**Aim of the task:** Reproduce nothing but the lines from the start of the material through the line that includes "geometry: L1 (-50, -57.5)-(50, -57.5)", both ends included, and omit every picture.
Materials provided: Begin
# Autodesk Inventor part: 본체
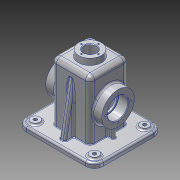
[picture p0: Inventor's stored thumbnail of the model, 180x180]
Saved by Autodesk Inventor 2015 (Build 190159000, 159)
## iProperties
Created: 2016-02
Part Number: 본체
Material: 알루미늄 6061
Document SubType Name: Modeling
Designer: Administrator
Density: 2.7 g/cm^3
Appearance: 알루미늄 - 평지
Mass: 800.036 g
Surface Area: 908.079 cm^2
Volume: 296.31 cm^3
Author: Administrator
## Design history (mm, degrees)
sketch "스케치1"
  geometry: L1 (-65, -57.5)-(65, -57.5); L2 (65, -57.5)-(65, 57.5); L3 (65, 57.5)-(-65, 57.5); L4 (-65, 57.5)-(-65, -57.5); L5 (-65, -57.5)-(65, 57.5); L6 (65, -57.5)-(-65, 57.5); 1 further point
  constraints: 12 end point, 2 midpoint, 2 parallel, 1 horizontal, 1 perpendicular
  dimensions: "d0" = 130 distance of L3.end L2.end; "d1" = 115 distance of L2.end L1.end
extrude "돌출1" new body sketch "스케치1" distance "d2" = 8; taper "d3" = 0 deg
fillet "모깎기1" dims "d4" = 15
sketch "스케치2"
  geometry: L1 (-50, -57.5)-(50, -57.5) reference; L2 (-50, -57.5)-(50, -57.5) reference; L3 (65, -42.5)-(65, 42.5) reference; L4 (50, 57.5)-(-50, 57.5) reference; L5 (-65, 42.5)-(-65, -42.5) reference; C1 r 7.5 at (50, -42.5); C2 r 7.5 at (-50, -42.5); C3 r 7.5 at (50, 42.5); C4 r 7.5 at (-50, 42.5); A1 r 15 centre (-50, -42.5) between (-65, -42.5) and (-50, -57.5) reference; A2 r 15 centre (50, -42.5) between (50, -57.5) and (65, -42.5) reference; A3 r 15 centre (50, 42.5) between (65, 42.5) and (50, 57.5) reference; A4 r 15 centre (-50, 42.5) between (-50, 57.5) and (-65, 42.5) reference; 1 further point
  constraints: 4 centre point, 1 horizontal, 1 vertical, 6 other
  dimensions: "d5" = 15 diameter of C1; "d6" = 50 horizontal distance of point (0, 0) C1.centre; "d7" = 42.5 vertical distance of point (0, 0) C1.centre; "d10" = 100 distance of C1.centre C2.centre; "d13" = 85 distance of C1.centre C3.centre
extrude "돌출2" join sketch "스케치2" distance "d16" = 3; taper "d17" = 0 deg
sketch "스케치3"
  geometry: L1 (-60, -52.5)-(60, -52.5); L2 (60, -52.5)-(60, 52.5); L3 (60, 52.5)-(-60, 52.5); L4 (-60, 52.5)-(-60, -52.5); L5 (-60, -52.5)-(60, 52.5); L6 (60, -52.5)-(-60, 52.5); 1 further point
  constraints: 12 end point, 2 midpoint, 2 parallel, 1 horizontal, 1 perpendicular
  dimensions: "d54" = 120 distance of L3.end L2.end; "d55" = 105 distance of L2.end L1.end
extrude "돌출3" join sketch "스케치3" distance "d56" = 2; taper "d57" = 0 deg
fillet "모깎기2" dims "d58" = 10
sketch "스케치4"
  geometry: L1 (5, 47.5)-(-5, 47.5); L2 (-5, 47.5)-(-5, -47.5); L3 (-5, -47.5)-(5, -47.5); L4 (5, -47.5)-(5, 47.5); L5 (5, 47.5)-(-5, -47.5); L6 (-5, 47.5)-(5, -47.5); 1 further point
  constraints: 12 end point, 2 midpoint, 2 parallel, 1 horizontal, 1 perpendicular
  dimensions: "d59" = 10 distance of L3.end L2.end; "d60" = 95 distance of L2.end L1.end
extrude "돌출4" join sketch "스케치4" distance "d61" = 100; taper "d62" = 0 deg
feature "면 기울기1" dims angle "d63" = 10 deg
feature "면 기울기2" dims angle "d64" = 10 deg
sketch "스케치5"
  geometry: L1 (-32.5, 32.5)-(32.5, 32.5); L2 (32.5, 32.5)-(32.5, -32.5); L3 (32.5, -32.5)-(-32.5, -32.5); L4 (-32.5, -32.5)-(-32.5, 32.5); L5 (-32.5, 32.5)-(32.5, -32.5); L6 (32.5, 32.5)-(-32.5, -32.5); 1 further point
  constraints: 12 end point, 2 midpoint, 2 parallel, 1 horizontal, 1 perpendicular
  dimensions: "d65" = 65 distance of L2.end L3.end; "d66" = 65 distance of L1.end L2.end
extrude "돌출5" join sketch "스케치5" distance "d67" = 100; taper "d68" = 0 deg
sketch "스케치6"
  geometry: C1 r 10.5 at (0, 0); 1 further point
  constraints: 1 centre point, 1 coincident
  dimensions: "d69" = 21 diameter of C1
extrude "돌출6" cut sketch "스케치6" stored distance "d70" = 110; taper "d71" = 0 deg
sketch "스케치7"
  geometry: L1 (-27.5, 27.5)-(27.5, 27.5); L2 (27.5, 27.5)-(27.5, -27.5); L3 (27.5, -27.5)-(-27.5, -27.5); L4 (-27.5, -27.5)-(-27.5, 27.5); L5 (-27.5, 27.5)-(27.5, -27.5); L6 (27.5, 27.5)-(-27.5, -27.5); 1 further point
  constraints: 12 end point, 2 midpoint, 2 parallel, 1 horizontal, 1 perpendicular
  dimensions: "d72" = 55 distance of L2.end L3.end; "d73" = 55 distance of L1.end L2.end
extrude "돌출7" cut sketch "스케치7" distance "d74" = 105; taper "d75" = 0 deg
sketch "스케치8"
  geometry: C1 r 20 at (0, 0); 1 further point
  constraints: 1 centre point, 1 coincident
  dimensions: "d76" = 40 diameter of C1
extrude "돌출8" join sketch "스케치8" distance "d77" = 10; taper "d78" = 0 deg
hole "구멍5" diameter "d81" = 21; stored, may be unused: countersink angle "d85" = 90 deg, drill point angle "d87" = 118 deg; dims "d79" = 10, "d80" = 10, "d82" = 7, "d83" = 4, "d84" = 2, "d86" = 21
sketch "스케치9" dims "d88" = 29
  geometry: 6 further points
  constraints: 2 vertical alignment, 1 coincident, 7 other
  dimensions: "d91" = 360 deg dimension on point (0, 0) point (0, 14.5) (derived)
hole "구멍6" sketch "스케치9" at (0, 14.5), (-14.5, 0), (0, -14.5), (14.5, 0) diameter "d93" = 2.459; stored, may be unused: countersink angle "d97" = 90 deg, drill point angle "d99" = 118 deg; dims "d94" = 7, "d95" = 4, "d96" = 2, "d98" = 9
feature "면 기울기3" dims angle "d100" = 5 deg
sketch "스케치10"
  geometry: L1 (42.5, 3)-(-42.5, 3); L2 (-42.5, 3)-(-42.5, -3); L3 (-42.5, -3)-(42.5, -3); L4 (42.5, -3)-(42.5, 3); L5 (42.5, 3)-(-42.5, -3); L6 (-42.5, 3)-(42.5, -3); 1 further point
  constraints: 12 end point, 2 midpoint, 2 parallel, 1 horizontal, 1 perpendicular
  dimensions: "d101" = 85 distance of L3.end L2.end; "d102" = 6 distance of L2.end L1.end
extrude "돌출9" join sketch "스케치10" distance "d103" = 30; taper "d104" = 0 deg
sketch "스케치11"
  geometry: L1 (108, -10)-(108, 75) reference; C1 r 27.5 at (53, 32.5); 2 further points
  constraints: 1 centre point, 1 horizontal alignment, 1 midpoint
  dimensions: "d105" = 55 diameter of C1; "d106" = 55 distance from line of L1 C1.centre
extrude "돌출10" join sketch "스케치11" distance "d107" = 15; taper "d108" = 0 deg
hole "구멍7" diameter "d111" = 30; stored, may be unused: countersink angle "d115" = 90 deg, drill point angle "d117" = 0 deg; dims "d109" = 10, "d110" = 10, "d112" = 7, "d113" = 4, "d114" = 2, "d116" = 30
hole "구멍8" diameter "d120" = 35; stored, may be unused: countersink angle "d124" = 90 deg, drill point angle "d126" = 0 deg; dims "d118" = 10, "d119" = 10, "d121" = 7, "d122" = 4, "d123" = 2, "d125" = 17
sketch "스케치12" dims "d127" = 42
  geometry: L1 (44, -35.429)-(47, -35.429) reference; L2 (47, -35.429)-(47, 35.429) reference; L3 (47, 35.429)-(44, 35.429) reference; L4 (44, 35.429)-(44, 49.571) reference; L5 (44, 49.571)-(47, 49.571) reference; L6 (47, 49.571)-(47, 57.5) reference; L7 (47, 57.5)-(55, 57.5) reference; L8 (55, 57.5)-(55, 52.5) reference; L9 (55, -52.5)-(55, -57.5) reference; L10 (55, -57.5)-(47, -57.5) reference; L11 (47, -57.5)-(47, -49.571) reference; L12 (47, -49.571)-(44, -49.571) reference; L13 (44, -49.571)-(44, -35.429) reference; L14 (55, 52.5)-(57, 52.5) reference; L15 (57, 52.5)-(57, -52.5) reference; L16 (57, -52.5)-(55, -52.5) reference; C1 r 17.5 at (0, 0) reference; C2 r 27.5 at (0, 0) reference; 6 further points
  constraints: 2 horizontal alignment, 1 coincident, 7 other
  dimensions: "d130" = 360 deg dimension on point (0, 0) point (-21, 0) (derived)
hole "구멍9" sketch "스케치12" at (-21, 0), (0, -21), (21, 0), (0, 21) diameter "d132" = 3.242; stored, may be unused: countersink angle "d136" = 90 deg, drill point angle "d138" = 118 deg; dims "d133" = 8, "d134" = 4, "d135" = 2, "d137" = 10
chamfer "모따기1" distance "d139" = 1; stored, may be unused: second distance "d140" = 2, angle "d141" = 45 deg
fillet "모깎기3" dims "d142" = 0.3
sketch "스케치13"
  geometry: L1 (27.5, 27.5)-(-27.5, 27.5); L2 (-27.5, 27.5)-(-27.5, -27.5); L3 (-27.5, -27.5)-(27.5, -27.5); L4 (27.5, -27.5)-(27.5, 27.5); L5 (27.5, 27.5)-(-27.5, -27.5); L6 (-27.5, 27.5)-(27.5, -27.5); 1 further point
  constraints: 12 end point, 2 midpoint, 2 parallel, 1 horizontal, 1 perpendicular
extrude "돌출11" cut sketch "스케치13" distance "d143" = 50; taper "d144" = 0 deg
fillet "모깎기4" dims "d145" = 3
fillet "모깎기5" dims "d146" = 3
fillet "모깎기6" dims "d147" = 3
fillet "모깎기7" dims "d148" = 3
fillet "모깎기9" dims "d150" = 3
fillet "모깎기11" dims "d152" = 8
fillet "모깎기12" dims "d153" = 8
fillet "모깎기14" dims "d155" = 3
fillet "모깎기15" dims "d156" = 3
sketch "스케치14"
  geometry: L1 (18, 5.375)-(18, 43.625) reference; L2 (0, 57)-(-92, 57) reference; 3 further points
  constraints: 1 other
  dimensions: "d157" = 26 distance from line of point (-8, 24.5) L1; "d158" = 32.5 distance from line of point (-8, 24.5) L2
feature "엠보싱1" sketch "스케치14" dims "d159" = 0.5, "d160" = 0
chamfer "모따기2" distance "d161" = 1; stored, may be unused: second distance "d162" = 2, angle "d163" = 45 deg
hole "구멍10" diameter "d166" = 6; stored, may be unused: countersink angle "d170" = 90 deg, drill point angle "d172" = 0 deg; dims "d164" = 10, "d165" = 10, "d167" = 8, "d168" = 4, "d169" = 2, "d171" = 6
fillet "모깎기16" dims "d173" = 3
fillet "모깎기17" dims "d174" = 1
fillet "모깎기18" dims "d175" = 0.3
node "솔리드1"
mirror "대칭1"
mirror "대칭2"
mirror "대칭3"
node "투영된 루프1"
node "절단 모서리 투영1"
Materials provided: End
**Answer to this problem:**
# Autodesk Inventor part: 본체
[picture p0: Inventor's stored thumbnail of the model, 180x180]
Saved by Autodesk Inventor 2015 (Build 190159000, 159)
## iProperties
Created: 2016-02
Part Number: 본체
Material: 알루미늄 6061
Document SubType Name: Modeling
Designer: Administrator
Density: 2.7 g/cm^3
Appearance: 알루미늄 - 평지
Mass: 800.036 g
Surface Area: 908.079 cm^2
Volume: 296.31 cm^3
Author: Administrator
## Design history (mm, degrees)
sketch "스케치1"
  geometry: L1 (-65, -57.5)-(65, -57.5); L2 (65, -57.5)-(65, 57.5); L3 (65, 57.5)-(-65, 57.5); L4 (-65, 57.5)-(-65, -57.5); L5 (-65, -57.5)-(65, 57.5); L6 (65, -57.5)-(-65, 57.5); 1 further point
  constraints: 12 end point, 2 midpoint, 2 parallel, 1 horizontal, 1 perpendicular
  dimensions: "d0" = 130 distance of L3.end L2.end; "d1" = 115 distance of L2.end L1.end
extrude "돌출1" new body sketch "스케치1" distance "d2" = 8; taper "d3" = 0 deg
fillet "모깎기1" dims "d4" = 15
sketch "스케치2"
  geometry: L1 (-50, -57.5)-(50, -57.5) reference; L2 (-50, -57.5)-(50, -57.5) reference; L3 (65, -42.5)-(65, 42.5) reference; L4 (50, 57.5)-(-50, 57.5) reference; L5 (-65, 42.5)-(-65, -42.5) reference; C1 r 7.5 at (50, -42.5); C2 r 7.5 at (-50, -42.5); C3 r 7.5 at (50, 42.5); C4 r 7.5 at (-50, 42.5); A1 r 15 centre (-50, -42.5) between (-65, -42.5) and (-50, -57.5) reference; A2 r 15 centre (50, -42.5) between (50, -57.5) and (65, -42.5) reference; A3 r 15 centre (50, 42.5) between (65, 42.5) and (50, 57.5) reference; A4 r 15 centre (-50, 42.5) between (-50, 57.5) and (-65, 42.5) reference; 1 further point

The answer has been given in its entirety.